Doctoral Thesis
The Neoliberalism-Climate-Change-Energy Nexus: An Exploration of the Relationship Between Federal Climate Change and Energy Policy in Australia, 1988- 2015, and the Underlying Logics, Guiding Principles, and Rationalities of Discourse
Doctor of Philosophy (PhD), Murdoch University
2024
Abstract
This thesis charts Australia’s move from global warming leader to climate laggard underpinned by economic and industry protectionism. This thesis draws on Foucault’s understanding of neoliberalism as governmentality with Foucauldian discourse analysis to explore how neoliberalism has shaped Australia’s climate change debate. This project addresses critical questions about the relationship between neoliberalism, climate change, and energy. It provides an understanding of the interests, influences, and discourses that have informed policy—what I term the neoliberalism-climate-change-energy nexus.

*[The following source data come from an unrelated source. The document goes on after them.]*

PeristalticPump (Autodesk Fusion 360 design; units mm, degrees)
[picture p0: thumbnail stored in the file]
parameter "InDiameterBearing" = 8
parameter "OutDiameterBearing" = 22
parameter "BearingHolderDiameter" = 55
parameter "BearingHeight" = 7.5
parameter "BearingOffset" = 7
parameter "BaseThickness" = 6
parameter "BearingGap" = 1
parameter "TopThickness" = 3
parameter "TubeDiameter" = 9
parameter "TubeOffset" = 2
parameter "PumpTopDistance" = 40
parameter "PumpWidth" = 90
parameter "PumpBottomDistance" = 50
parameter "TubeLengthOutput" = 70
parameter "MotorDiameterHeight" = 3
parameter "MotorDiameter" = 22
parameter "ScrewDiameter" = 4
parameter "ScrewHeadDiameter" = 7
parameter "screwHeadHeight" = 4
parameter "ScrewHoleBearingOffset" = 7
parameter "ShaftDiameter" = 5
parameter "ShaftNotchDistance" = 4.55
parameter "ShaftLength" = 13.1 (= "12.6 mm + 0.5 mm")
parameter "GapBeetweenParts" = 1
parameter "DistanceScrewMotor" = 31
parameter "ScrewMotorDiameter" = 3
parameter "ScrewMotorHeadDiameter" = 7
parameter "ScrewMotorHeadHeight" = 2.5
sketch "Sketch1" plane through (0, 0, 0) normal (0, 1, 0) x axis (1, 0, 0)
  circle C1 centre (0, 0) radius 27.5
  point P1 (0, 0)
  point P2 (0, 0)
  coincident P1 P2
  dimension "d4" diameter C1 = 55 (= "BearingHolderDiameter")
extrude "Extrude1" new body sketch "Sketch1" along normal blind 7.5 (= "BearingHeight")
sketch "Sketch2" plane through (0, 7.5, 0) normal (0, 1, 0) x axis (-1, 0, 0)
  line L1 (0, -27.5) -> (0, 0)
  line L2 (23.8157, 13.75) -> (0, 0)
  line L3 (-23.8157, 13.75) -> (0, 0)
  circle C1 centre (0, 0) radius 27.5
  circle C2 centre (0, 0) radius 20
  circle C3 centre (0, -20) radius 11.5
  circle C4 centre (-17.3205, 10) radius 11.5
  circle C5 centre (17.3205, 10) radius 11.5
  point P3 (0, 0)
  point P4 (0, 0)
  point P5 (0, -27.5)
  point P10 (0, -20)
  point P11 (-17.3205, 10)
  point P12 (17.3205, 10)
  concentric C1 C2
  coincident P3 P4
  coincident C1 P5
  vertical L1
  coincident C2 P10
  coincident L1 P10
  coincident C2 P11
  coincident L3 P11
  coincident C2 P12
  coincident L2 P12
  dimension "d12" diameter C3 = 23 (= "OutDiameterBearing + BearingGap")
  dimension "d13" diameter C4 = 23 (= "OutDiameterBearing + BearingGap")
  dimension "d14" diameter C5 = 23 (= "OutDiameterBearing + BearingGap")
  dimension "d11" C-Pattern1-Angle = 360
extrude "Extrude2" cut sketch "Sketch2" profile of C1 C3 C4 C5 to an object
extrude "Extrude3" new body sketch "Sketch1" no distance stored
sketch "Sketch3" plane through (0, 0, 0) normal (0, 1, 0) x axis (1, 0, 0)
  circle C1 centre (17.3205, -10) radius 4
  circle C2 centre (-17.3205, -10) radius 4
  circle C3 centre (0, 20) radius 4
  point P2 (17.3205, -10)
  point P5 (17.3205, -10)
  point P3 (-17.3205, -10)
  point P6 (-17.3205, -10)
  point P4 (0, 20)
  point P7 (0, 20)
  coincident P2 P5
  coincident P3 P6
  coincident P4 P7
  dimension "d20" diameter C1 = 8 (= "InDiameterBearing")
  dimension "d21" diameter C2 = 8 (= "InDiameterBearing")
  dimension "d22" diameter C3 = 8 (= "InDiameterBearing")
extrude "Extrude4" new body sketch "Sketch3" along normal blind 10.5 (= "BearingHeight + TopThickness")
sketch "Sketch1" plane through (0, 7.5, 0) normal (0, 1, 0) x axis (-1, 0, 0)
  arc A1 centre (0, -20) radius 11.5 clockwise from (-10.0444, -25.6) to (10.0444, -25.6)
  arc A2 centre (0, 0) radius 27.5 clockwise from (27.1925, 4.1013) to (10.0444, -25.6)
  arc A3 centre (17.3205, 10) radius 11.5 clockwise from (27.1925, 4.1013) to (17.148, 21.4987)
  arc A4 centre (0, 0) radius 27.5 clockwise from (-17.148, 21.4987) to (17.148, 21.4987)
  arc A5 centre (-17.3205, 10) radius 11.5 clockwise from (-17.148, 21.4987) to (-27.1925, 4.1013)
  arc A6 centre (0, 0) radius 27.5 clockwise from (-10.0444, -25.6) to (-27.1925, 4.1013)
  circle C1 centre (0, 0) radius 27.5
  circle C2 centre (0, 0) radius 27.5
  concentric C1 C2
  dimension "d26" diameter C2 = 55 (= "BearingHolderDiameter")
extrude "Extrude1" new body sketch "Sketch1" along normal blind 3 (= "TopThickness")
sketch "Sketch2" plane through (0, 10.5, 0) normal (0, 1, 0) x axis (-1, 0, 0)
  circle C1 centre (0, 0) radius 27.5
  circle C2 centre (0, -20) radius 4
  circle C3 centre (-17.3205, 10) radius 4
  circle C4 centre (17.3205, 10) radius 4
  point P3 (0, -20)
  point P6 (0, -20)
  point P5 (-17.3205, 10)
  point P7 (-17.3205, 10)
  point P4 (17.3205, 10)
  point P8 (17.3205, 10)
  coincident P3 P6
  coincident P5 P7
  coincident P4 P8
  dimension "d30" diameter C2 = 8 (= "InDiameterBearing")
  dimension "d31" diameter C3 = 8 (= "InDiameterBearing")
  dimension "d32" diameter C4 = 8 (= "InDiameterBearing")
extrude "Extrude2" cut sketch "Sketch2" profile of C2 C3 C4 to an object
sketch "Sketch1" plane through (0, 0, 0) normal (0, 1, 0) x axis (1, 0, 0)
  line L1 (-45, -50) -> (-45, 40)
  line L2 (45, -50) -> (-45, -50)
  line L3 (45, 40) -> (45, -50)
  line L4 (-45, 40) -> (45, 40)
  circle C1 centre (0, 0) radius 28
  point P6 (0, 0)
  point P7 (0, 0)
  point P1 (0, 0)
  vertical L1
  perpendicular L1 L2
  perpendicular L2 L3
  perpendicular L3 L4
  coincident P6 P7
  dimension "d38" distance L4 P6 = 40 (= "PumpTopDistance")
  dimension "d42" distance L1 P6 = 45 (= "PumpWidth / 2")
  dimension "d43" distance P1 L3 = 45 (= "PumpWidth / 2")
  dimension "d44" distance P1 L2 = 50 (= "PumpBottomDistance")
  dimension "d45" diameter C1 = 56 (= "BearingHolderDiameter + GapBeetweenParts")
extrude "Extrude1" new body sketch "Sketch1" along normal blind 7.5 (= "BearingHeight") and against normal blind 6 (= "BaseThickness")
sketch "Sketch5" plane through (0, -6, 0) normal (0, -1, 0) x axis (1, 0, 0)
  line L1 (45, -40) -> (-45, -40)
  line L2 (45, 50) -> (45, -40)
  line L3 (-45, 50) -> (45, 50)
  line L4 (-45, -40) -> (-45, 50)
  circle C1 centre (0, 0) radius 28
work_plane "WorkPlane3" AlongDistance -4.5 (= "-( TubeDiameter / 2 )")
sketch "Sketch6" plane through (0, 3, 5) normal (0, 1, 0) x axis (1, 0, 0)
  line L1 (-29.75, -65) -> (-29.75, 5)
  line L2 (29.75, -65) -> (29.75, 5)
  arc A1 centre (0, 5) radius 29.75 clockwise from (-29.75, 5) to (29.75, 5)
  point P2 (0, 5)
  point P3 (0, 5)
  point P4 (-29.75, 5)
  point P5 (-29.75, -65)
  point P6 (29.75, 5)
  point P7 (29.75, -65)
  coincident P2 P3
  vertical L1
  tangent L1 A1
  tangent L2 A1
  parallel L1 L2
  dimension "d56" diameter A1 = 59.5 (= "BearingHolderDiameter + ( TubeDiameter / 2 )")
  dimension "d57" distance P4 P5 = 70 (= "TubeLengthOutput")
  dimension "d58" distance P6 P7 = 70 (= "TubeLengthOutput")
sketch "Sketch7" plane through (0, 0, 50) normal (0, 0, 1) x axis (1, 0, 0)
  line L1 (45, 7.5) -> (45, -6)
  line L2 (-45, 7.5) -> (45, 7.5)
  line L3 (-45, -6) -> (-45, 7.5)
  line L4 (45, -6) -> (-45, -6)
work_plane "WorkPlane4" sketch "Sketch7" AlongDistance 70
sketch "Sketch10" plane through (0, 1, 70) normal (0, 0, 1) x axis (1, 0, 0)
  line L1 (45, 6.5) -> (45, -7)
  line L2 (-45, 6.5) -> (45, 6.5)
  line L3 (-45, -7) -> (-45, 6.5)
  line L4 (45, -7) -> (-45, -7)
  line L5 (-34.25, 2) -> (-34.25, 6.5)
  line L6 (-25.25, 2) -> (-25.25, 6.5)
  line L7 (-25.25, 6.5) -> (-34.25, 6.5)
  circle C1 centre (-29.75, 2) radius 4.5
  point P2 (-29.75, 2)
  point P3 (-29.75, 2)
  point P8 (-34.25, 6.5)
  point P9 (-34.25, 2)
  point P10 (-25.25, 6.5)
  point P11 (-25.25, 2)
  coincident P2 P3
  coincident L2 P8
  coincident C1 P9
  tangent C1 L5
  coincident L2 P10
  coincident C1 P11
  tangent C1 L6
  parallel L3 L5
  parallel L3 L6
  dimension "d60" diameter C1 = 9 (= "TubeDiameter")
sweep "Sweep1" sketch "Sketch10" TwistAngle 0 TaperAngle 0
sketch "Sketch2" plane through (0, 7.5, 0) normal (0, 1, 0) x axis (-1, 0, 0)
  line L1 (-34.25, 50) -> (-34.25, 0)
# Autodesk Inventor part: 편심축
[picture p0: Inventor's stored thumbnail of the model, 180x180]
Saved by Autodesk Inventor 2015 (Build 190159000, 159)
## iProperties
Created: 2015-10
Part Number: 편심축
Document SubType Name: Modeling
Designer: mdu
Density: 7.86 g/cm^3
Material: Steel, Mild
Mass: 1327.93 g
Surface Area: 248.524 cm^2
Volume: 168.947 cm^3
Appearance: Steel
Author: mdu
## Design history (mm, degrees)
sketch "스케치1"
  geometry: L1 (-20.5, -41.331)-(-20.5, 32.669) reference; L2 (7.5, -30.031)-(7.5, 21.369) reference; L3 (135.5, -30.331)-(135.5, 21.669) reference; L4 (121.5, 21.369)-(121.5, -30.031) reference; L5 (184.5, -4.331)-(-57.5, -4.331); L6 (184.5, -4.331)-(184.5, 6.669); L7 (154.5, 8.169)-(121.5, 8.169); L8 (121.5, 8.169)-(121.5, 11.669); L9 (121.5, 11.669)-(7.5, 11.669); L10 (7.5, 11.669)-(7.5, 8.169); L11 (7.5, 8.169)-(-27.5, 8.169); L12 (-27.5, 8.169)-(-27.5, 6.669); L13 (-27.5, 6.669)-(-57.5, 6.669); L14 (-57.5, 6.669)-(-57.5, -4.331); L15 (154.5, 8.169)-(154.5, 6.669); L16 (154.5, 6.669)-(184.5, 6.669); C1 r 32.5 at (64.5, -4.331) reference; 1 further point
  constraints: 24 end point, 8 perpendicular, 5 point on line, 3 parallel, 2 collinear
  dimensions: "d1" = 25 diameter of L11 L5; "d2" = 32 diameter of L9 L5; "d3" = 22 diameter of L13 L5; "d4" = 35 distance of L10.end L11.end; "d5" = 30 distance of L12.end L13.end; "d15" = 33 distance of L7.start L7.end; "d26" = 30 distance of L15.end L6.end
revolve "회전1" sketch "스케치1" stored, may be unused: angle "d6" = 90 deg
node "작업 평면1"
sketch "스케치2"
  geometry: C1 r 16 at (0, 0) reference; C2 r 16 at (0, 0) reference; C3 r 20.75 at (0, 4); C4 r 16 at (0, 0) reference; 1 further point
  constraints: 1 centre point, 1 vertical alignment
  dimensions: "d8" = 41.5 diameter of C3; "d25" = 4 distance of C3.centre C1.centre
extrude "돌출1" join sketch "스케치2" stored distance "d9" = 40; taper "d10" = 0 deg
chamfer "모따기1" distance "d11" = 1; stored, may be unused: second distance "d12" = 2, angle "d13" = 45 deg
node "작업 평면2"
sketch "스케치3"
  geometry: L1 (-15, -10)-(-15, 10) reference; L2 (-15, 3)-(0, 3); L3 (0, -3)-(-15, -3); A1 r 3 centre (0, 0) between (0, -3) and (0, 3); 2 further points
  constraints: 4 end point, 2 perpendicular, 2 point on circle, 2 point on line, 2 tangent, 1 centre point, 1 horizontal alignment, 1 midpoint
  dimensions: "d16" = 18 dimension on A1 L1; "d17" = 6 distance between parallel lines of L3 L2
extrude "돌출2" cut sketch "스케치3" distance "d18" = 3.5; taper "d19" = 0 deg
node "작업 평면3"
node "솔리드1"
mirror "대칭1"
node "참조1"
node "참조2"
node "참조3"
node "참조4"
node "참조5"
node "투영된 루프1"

I analyse policies from six government eras: Hawke; Keating; Howard; Rudd; Gillard; and Abbott and supplement this with interviews of ten individuals involved in climate and energy policymaking. The analysis reveals that economic rationalism—an impure form of neoliberalism unique to Australia—has been employed as a political ‘point of truth’ since the Hawke Government. While neoliberal rhetoric is evident across several governments, neoliberal policy practices were repealed or did not eventuate. This highlights the contradictory nature and hypocrisy of neoliberalism and economic rationalism. Most notably, this has taken the form of a consistent pattern of market-based policy rejection in Australia until it has been politically expedient to adopt such policies. However, the capacity of successive governments to pick ‘winners’ and ‘losers’ has remained a consistent characteristic of economic rationalism in Australia and has driven this behaviour.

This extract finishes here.